Pursuant to the terms of the placing agreement entered into between the Company and the Managers, the Company has agreed to customary lock-up arrangements for a period of 90 days from the closing date of the Placing.

The Placing Shares, when issued, will be credited as fully paid and will rank pari passu in all respects with the existing ordinary shares in the share capital of the Company, including the right to receive all dividends and other distributions declared, made or paid after the date of issue of the Placing Shares.

Subject to the approval by the JSE, listing and trading of the Placing Shares on the JSE is expected to commence at 09h00 on 9 July 2021 (or such time and/or date as may be agreed between the Company and the Managers). Investors will receive Placing Shares listed and trading on the JSE.


Transaction Capital SENS statement: 

Results of accelerated book build:

Shareholders are referred to the announcement released on the Stock Exchange News Service of the JSE Limited (“JSE”) on 8 July 2021 relating to the issue of up to 33 093 389 new ordinary no par value shares in the authorised but unissued stated capital of the Company (the “Placing Shares”) through an accelerated bookbuild (the “Bookbuild”) under and in accordance with the Company’s existing general authority to issue shares for cash, granted by shareholders at the annual general meeting held on 5 March 2021 (“Placing”).

Transaction Capital is pleased to announce the successful completion of the Bookbuild, which was multiple times oversubscribed.

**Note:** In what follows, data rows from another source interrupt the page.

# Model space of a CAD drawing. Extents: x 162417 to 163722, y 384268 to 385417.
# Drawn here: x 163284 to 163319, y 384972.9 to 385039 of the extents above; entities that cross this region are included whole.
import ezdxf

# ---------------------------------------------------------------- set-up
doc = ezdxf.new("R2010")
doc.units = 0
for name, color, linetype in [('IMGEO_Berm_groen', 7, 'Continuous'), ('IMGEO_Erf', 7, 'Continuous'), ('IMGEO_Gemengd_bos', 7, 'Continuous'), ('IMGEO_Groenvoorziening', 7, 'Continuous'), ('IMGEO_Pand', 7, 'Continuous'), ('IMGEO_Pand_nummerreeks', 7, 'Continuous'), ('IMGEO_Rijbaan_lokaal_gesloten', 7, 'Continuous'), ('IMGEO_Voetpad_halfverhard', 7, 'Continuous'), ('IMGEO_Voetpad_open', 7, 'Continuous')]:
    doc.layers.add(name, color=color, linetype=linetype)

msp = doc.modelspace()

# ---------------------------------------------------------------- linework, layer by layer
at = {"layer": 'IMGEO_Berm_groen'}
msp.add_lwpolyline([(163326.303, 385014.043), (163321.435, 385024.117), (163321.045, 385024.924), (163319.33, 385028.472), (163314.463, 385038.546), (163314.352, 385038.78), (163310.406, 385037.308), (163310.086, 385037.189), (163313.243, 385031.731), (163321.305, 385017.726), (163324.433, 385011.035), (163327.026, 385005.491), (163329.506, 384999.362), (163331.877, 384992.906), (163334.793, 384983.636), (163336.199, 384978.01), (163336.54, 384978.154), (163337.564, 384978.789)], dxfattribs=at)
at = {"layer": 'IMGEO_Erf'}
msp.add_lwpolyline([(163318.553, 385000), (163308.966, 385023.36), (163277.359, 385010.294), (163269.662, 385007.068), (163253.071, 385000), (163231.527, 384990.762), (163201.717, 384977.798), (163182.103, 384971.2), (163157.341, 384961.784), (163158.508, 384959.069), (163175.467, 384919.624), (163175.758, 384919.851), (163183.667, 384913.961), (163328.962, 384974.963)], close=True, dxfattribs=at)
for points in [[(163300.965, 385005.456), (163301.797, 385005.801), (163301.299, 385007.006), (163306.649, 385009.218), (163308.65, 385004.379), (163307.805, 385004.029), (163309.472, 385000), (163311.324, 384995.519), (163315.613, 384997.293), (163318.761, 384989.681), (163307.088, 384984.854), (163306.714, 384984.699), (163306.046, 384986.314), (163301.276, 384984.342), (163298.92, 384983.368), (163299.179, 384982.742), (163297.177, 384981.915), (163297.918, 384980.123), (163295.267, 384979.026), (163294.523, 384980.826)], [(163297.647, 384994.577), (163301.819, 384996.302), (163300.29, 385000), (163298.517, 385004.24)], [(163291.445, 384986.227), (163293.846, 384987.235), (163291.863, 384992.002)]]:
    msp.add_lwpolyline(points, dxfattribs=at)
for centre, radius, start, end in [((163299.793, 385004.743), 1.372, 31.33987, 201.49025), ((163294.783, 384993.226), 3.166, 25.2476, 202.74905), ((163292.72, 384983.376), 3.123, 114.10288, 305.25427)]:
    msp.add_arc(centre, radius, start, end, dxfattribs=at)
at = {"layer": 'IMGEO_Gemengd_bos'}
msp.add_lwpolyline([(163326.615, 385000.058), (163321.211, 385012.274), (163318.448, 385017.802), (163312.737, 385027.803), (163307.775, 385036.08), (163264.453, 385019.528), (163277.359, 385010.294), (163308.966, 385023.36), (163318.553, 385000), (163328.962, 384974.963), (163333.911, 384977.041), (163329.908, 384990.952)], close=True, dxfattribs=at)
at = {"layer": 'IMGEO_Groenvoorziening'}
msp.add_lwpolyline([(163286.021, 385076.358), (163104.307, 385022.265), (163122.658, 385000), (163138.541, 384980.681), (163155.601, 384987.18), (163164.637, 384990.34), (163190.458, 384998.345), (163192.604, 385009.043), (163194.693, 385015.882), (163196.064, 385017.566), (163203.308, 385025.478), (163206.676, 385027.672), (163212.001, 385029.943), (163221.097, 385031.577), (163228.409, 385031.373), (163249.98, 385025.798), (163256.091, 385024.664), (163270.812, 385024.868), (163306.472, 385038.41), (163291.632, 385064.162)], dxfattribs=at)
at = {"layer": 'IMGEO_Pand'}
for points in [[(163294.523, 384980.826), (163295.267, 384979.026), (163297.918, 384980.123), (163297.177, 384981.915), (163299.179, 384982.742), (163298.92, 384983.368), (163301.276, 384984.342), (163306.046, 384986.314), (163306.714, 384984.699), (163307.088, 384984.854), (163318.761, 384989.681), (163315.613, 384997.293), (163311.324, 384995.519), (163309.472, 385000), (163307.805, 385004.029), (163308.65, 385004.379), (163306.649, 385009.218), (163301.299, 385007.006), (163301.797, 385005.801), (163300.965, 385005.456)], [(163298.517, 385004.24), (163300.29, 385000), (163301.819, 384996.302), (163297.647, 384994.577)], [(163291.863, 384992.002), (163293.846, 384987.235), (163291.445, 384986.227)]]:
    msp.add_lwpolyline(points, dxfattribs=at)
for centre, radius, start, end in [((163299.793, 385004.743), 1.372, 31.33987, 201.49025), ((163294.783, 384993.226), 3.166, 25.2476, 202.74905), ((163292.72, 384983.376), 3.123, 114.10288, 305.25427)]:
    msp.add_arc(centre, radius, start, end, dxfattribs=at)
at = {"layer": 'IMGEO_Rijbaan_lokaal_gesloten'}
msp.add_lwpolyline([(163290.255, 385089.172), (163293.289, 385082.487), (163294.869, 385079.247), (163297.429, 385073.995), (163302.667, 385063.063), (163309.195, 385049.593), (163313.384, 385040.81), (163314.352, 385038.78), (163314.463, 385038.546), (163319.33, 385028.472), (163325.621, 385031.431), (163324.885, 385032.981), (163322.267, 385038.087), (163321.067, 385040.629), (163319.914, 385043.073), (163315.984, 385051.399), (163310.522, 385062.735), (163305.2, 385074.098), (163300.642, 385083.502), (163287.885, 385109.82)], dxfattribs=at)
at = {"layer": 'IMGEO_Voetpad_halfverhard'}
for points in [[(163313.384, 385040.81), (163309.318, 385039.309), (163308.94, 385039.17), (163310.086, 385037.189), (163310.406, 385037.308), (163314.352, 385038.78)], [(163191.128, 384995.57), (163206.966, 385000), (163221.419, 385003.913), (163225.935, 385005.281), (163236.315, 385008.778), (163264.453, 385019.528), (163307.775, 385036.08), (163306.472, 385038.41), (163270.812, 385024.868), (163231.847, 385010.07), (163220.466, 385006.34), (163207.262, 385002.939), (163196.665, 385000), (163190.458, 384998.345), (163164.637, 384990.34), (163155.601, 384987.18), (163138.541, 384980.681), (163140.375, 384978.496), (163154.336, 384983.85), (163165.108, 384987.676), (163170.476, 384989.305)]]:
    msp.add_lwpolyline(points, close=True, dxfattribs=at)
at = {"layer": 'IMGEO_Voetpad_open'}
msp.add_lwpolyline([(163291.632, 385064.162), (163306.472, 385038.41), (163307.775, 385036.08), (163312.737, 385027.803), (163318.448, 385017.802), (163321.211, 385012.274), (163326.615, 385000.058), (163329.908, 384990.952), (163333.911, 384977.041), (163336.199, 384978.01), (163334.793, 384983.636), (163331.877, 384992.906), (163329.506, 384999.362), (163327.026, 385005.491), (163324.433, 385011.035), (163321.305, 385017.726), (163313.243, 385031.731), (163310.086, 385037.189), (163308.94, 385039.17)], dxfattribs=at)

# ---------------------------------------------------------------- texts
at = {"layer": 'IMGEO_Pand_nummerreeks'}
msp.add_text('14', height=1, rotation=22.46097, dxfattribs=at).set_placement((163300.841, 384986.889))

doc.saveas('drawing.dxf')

The Placing Shares were issued at a price of R35.50 per share, a 4.7% and 4.4% discount to the pre-launch 30 business day volume weighted average price of R37.25 and the close price of R37.15 respectively, as at market close on 8 July 2021, which is in compliance with section 5.52(d) of the Listings Requirements of the JSE. The 33 093 389 Placing Shares being issued represent in aggregate 4.9% of the Company’s issued ordinary share capital prior to the Placing.

The Placing raised gross proceeds of R1.17 billion for the Company. As described in the announcement released on 8 July 2021 regarding the opening of the Bookbuild, the capital raised through the Bookbuild will be used in part to finance the acquisition of a controlling stake in WeBuyCars, following regulatory approval, with the balance being used to fund investment opportunities identified both through the divisions of the Group as well as our TC Ventures strategy. In addition, this capital will further enhance our financial flexibility and strategic agility to execute on opportunities resulting from market dynamics pursuant to the COVID-19 pandemic. 

Goldman Sachs International and Investec Bank Limited (collectively the “Managers”) acted as joint bookrunners in respect of the Placing.

The Placing Shares, when issued, will be credited as fully paid and will rank pari passu in all respects with the existing ordinary shares in the share capital of the Company, including the right to receive all dividends and other distributions declared, made or paid after the date of issue of the Placing Shares.

An application will be made to the JSE for the listing of the Placing Shares. Subject to approval by the JSE, listing and trading (“Admission”) of the Placing Shares on the JSE is expected to occur at 09h00 on 14 July 2021 and dealings in the Placing Shares are expected to commence at the same time. The Placing is conditional upon, amongst other things, Admission of the Placing Shares on the JSE becoming effective and the placing agreement between the Company and the Managers (“Placing Agreement”) becoming unconditional and not being terminated in accordance with its terms prior to Admission.

Following Admission, the Company’s issued share capital will comprise 707 895 413 ordinary no par value shares. This figure may be used by shareholders in the Company as the denominator for the calculations by which they will determine if they are required to notify their beneficial interest in, or a change to their beneficial interest in, the Company’s ordinary shares under section 122 of the South African Companies Act of 2008.